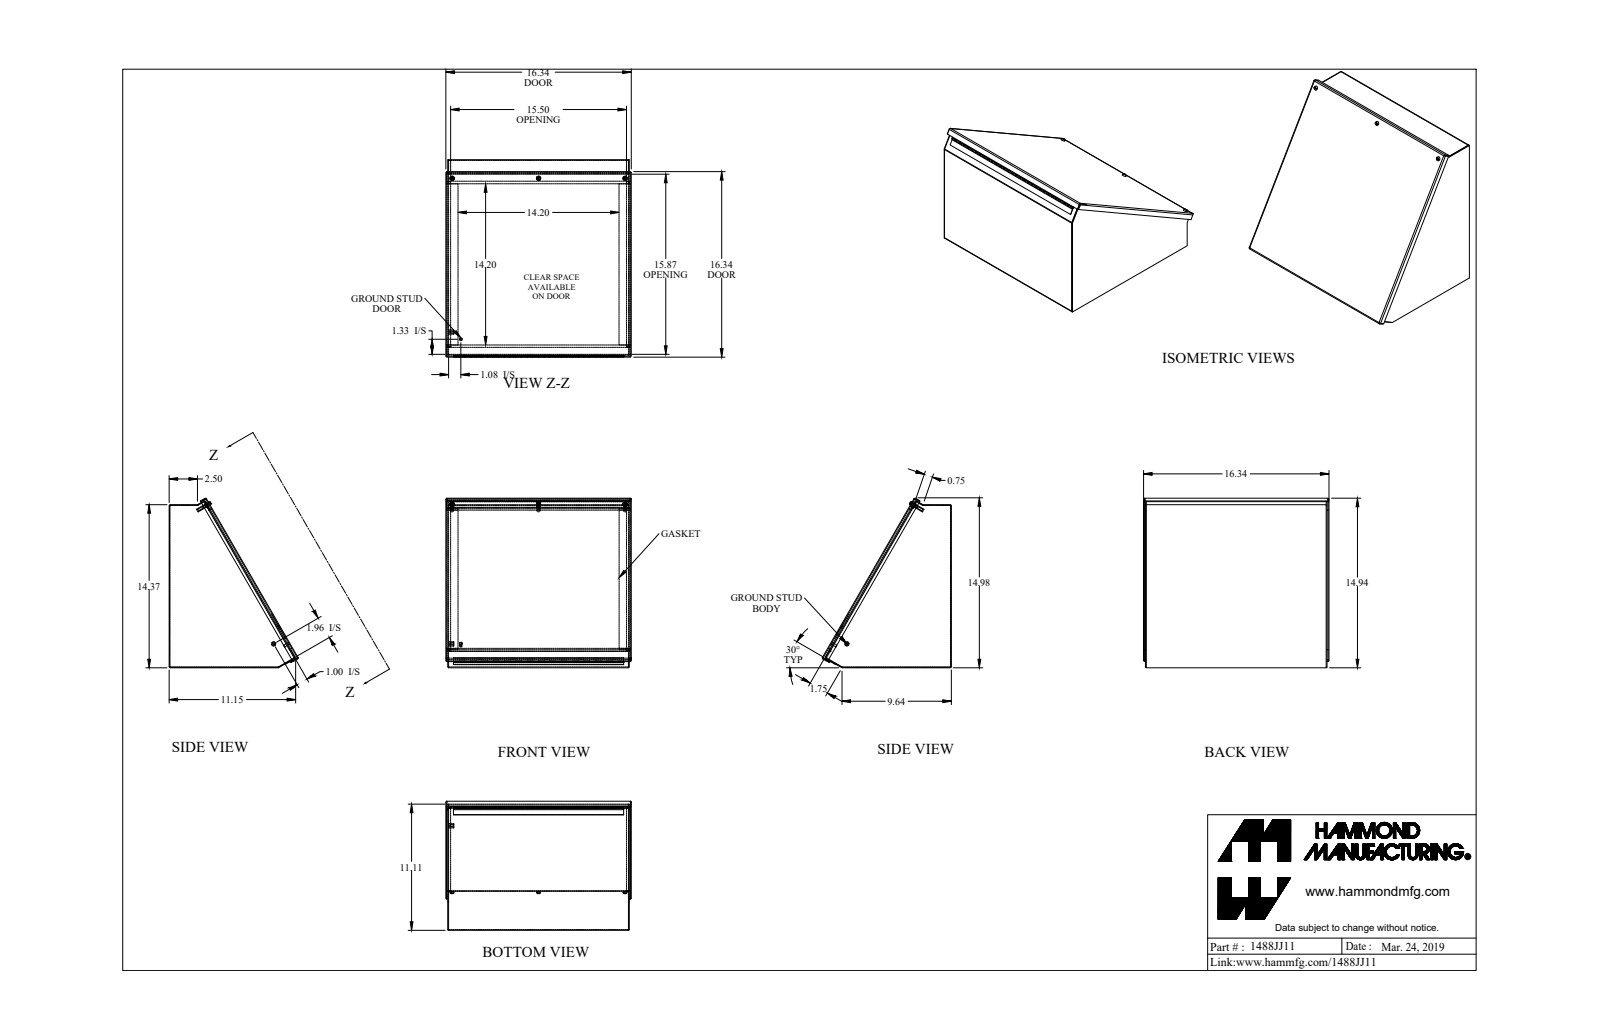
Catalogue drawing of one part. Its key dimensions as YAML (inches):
part_name: "1488JJ11_Default"
step_written_by: "SolidWorks 2019 (CONFIG_CONTROL_DESIGN)"
units: inches
bodies: {solids: 22, faces: 638, planar: 381, cylindrical: 221, other: 36}
overall_size: [16.343, 14.936, 11.372]
volume: 87.38
surface_area: 2205
round_holes:
  - {diameter: 0.159, count: 3}
  - {diameter: 0.25, count: 3}
  - {diameter: 0.156, count: 1}
round_bosses_or_shafts:
  - {diameter: 0.39, count: 3}
  - {diameter: 0.275, count: 3}
  - {diameter: 0.19, count: 3}
  - {diameter: 0.148, count: 3}
  - {diameter: 0.375, count: 1}
  - {diameter: 0.25, count: 1}
  - {diameter: 0.188, count: 1}
  - {diameter: 0.1, count: 1}
partial_cylinders:
  - {radius: 0.036, count: 12}
  - {radius: 0.108, count: 12}
  - {radius: 0.125, count: 3}
  - {radius: 0.16, count: 3}
  - {radius: 0.171, count: 3}
  - {radius: 0.025, count: 2}
  - {radius: 0.055, count: 1}
  - {radius: 0.057, count: 1}
face_to_face_distances: [0.072, 15.928, 15.856, 16, 14.293, 0.25, 0.322, 14.365, 14.221, 0.172]
hole_center_spacings: [7.625, 7.625, 15.25, 15.25]
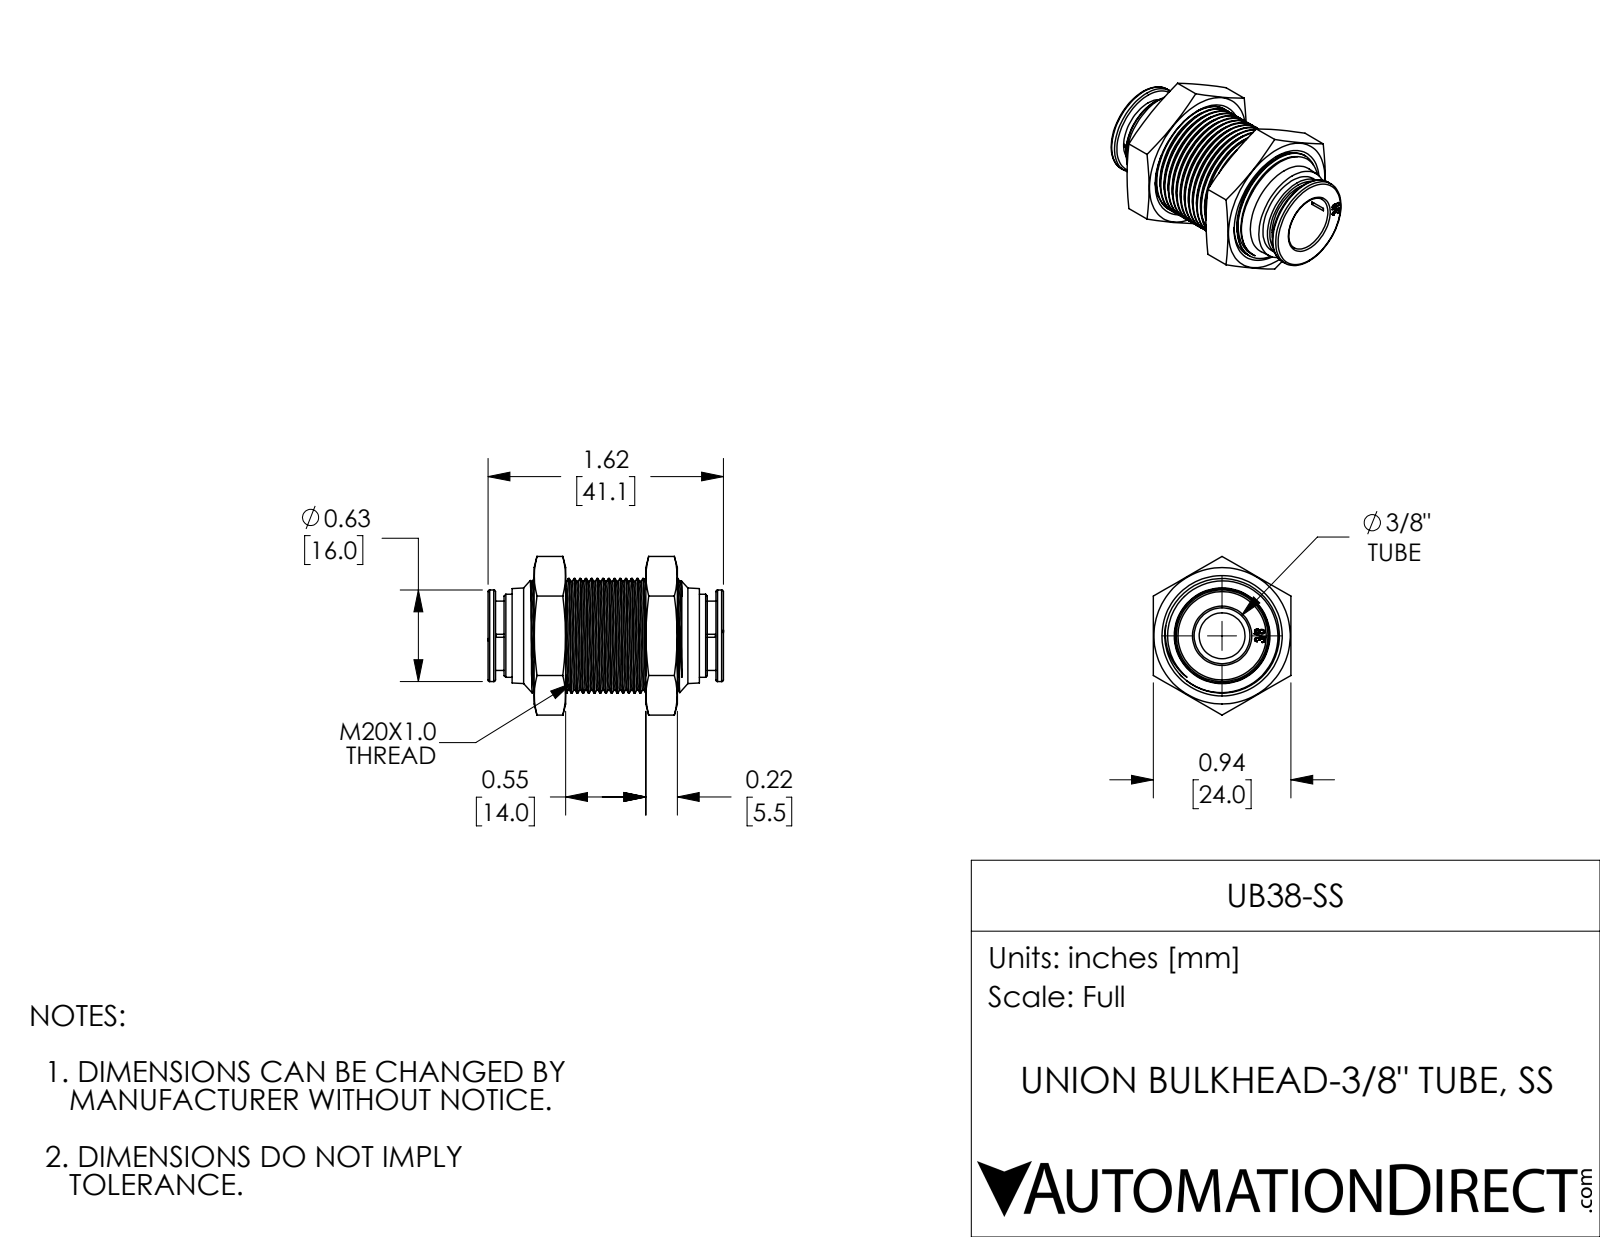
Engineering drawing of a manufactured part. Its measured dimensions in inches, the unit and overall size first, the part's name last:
Units: inches
Overall size (bounding box): 1.618 × 1.091 × 0.945
Round holes (diameter × count): ⌀0.315 ×1, ⌀0.384 ×1
Round bosses / shafts (diameter × count): ⌀0.787 ×1, ⌀0.748 ×1, ⌀0.63 ×1, ⌀0.571 ×1, ⌀0.476 ×1
Main face-to-face distances: 0.945, 0.317, 0.533, 1.085, 1.301, 0.217, 0.768, 0.051, 1.567, 0.266
Volume: 0.589 in³ · Surface area: 9.915 in²
Bodies: 1 solid, 285 faces (64 planar, 99 cylindrical, 122 other)
Part name (STEP PRODUCT): UB38-SS
STEP written by: SolidWorks 2017 (AUTOMOTIVE_DESIGN)
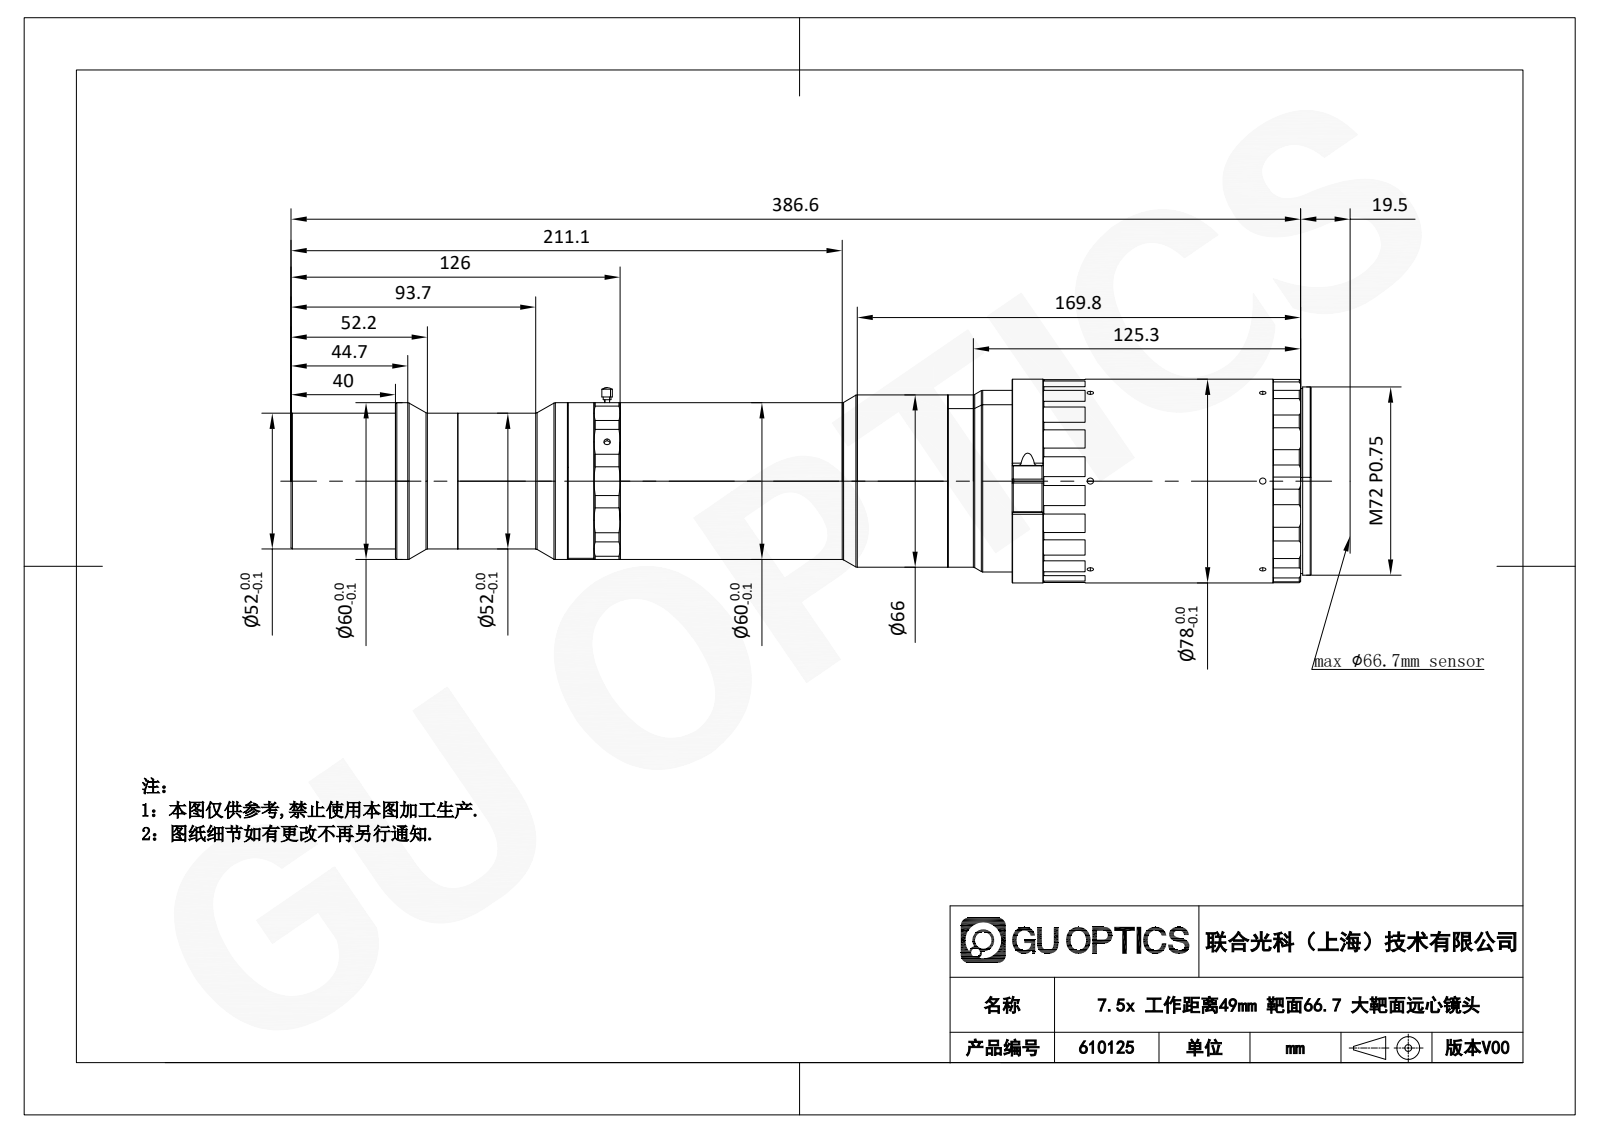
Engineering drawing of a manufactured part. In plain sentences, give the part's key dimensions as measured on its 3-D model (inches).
The part is named "DTCA150M-8.9-G-M72-19.5-AL". Its 3-D file was written by "SolidWorks 2017 (CONFIG_CONTROL_DESIGN)". It is 1 solid with 474 faces: 122 planar, 165 cylindrical and 187 other. Overall it measures 15.377 by 3.326 by 3.071 inches. Its volume is 75.06 cubic inches and its surface area 149.9 square inches. Round holes: 6 of diameter 0.094, 3 of diameter 0.098, 1 of diameter 0.087, 1 of diameter 0.134, 1 of diameter 0.177, 1 of diameter 1.831, 1 of diameter 2.539, 1 of diameter 2.657, 1 of diameter 2.795, 1 of diameter 2.925. Round bosses or shafts: 1 of diameter 3.071, 1 of diameter 2.913, 1 of diameter 2.835, 1 of diameter 2.787, 1 of diameter 2.736, 1 of diameter 2.598, 1 of diameter 2.362, 1 of diameter 2.047. Partial cylindrical surfaces (rounded edges, fillets, slot ends): 38 of radius 0.591, 2 of radius 0.039, 1 of radius 0.157, 1 of radius 1.201, 1 of radius 1.791. The main face-to-face distances are 3.7, 4.35, 0.651, 2.362, 9.294, 12.994, 13.644, 13.802, 4.508, 0.808. The hole center spacings are 2.598, 6.548.

• • •

#### ACTIVITY
Copy the listing exactly. No images belong in the copy.

#### RESPONSE
Catalogue drawing of one part. Its key dimensions as YAML (inches):
part_name: "1488JJ11_Default"
step_written_by: "SolidWorks 2019 (CONFIG_CONTROL_DESIGN)"
units: inches
bodies: {solids: 22, faces: 638, planar: 381, cylindrical: 221, other: 36}
overall_size: [16.343, 14.936, 11.372]
volume: 87.38
surface_area: 2205
round_holes:
  - {diameter: 0.159, count: 3}
  - {diameter: 0.25, count: 3}
  - {diameter: 0.156, count: 1}
round_bosses_or_shafts:
  - {diameter: 0.39, count: 3}
  - {diameter: 0.275, count: 3}
  - {diameter: 0.19, count: 3}
  - {diameter: 0.148, count: 3}
  - {diameter: 0.375, count: 1}
  - {diameter: 0.25, count: 1}
  - {diameter: 0.188, count: 1}
  - {diameter: 0.1, count: 1}
partial_cylinders:
  - {radius: 0.036, count: 12}
  - {radius: 0.108, count: 12}
  - {radius: 0.125, count: 3}
  - {radius: 0.16, count: 3}
  - {radius: 0.171, count: 3}
  - {radius: 0.025, count: 2}
  - {radius: 0.055, count: 1}
  - {radius: 0.057, count: 1}
face_to_face_distances: [0.072, 15.928, 15.856, 16, 14.293, 0.25, 0.322, 14.365, 14.221, 0.172]
hole_center_spacings: [7.625, 7.625, 15.25, 15.25]
Engineering drawing of a manufactured part. Its measured dimensions in inches, the unit and overall size first, the part's name last:
Units: inches
Overall size (bounding box): 1.618 × 1.091 × 0.945
Round holes (diameter × count): ⌀0.315 ×1, ⌀0.384 ×1
Round bosses / shafts (diameter × count): ⌀0.787 ×1, ⌀0.748 ×1, ⌀0.63 ×1, ⌀0.571 ×1, ⌀0.476 ×1
Main face-to-face distances: 0.945, 0.317, 0.533, 1.085, 1.301, 0.217, 0.768, 0.051, 1.567, 0.266
Volume: 0.589 in³ · Surface area: 9.915 in²
Bodies: 1 solid, 285 faces (64 planar, 99 cylindrical, 122 other)
Part name (STEP PRODUCT): UB38-SS
STEP written by: SolidWorks 2017 (AUTOMOTIVE_DESIGN)
Engineering drawing of a manufactured part. In plain sentences, give the part's key dimensions as measured on its 3-D model (inches).
The part is named "DTCA150M-8.9-G-M72-19.5-AL". Its 3-D file was written by "SolidWorks 2017 (CONFIG_CONTROL_DESIGN)". It is 1 solid with 474 faces: 122 planar, 165 cylindrical and 187 other. Overall it measures 15.377 by 3.326 by 3.071 inches. Its volume is 75.06 cubic inches and its surface area 149.9 square inches. Round holes: 6 of diameter 0.094, 3 of diameter 0.098, 1 of diameter 0.087, 1 of diameter 0.134, 1 of diameter 0.177, 1 of diameter 1.831, 1 of diameter 2.539, 1 of diameter 2.657, 1 of diameter 2.795, 1 of diameter 2.925. Round bosses or shafts: 1 of diameter 3.071, 1 of diameter 2.913, 1 of diameter 2.835, 1 of diameter 2.787, 1 of diameter 2.736, 1 of diameter 2.598, 1 of diameter 2.362, 1 of diameter 2.047. Partial cylindrical surfaces (rounded edges, fillets, slot ends): 38 of radius 0.591, 2 of radius 0.039, 1 of radius 0.157, 1 of radius 1.201, 1 of radius 1.791. The main face-to-face distances are 3.7, 4.35, 0.651, 2.362, 9.294, 12.994, 13.644, 13.802, 4.508, 0.808. The hole center spacings are 2.598, 6.548.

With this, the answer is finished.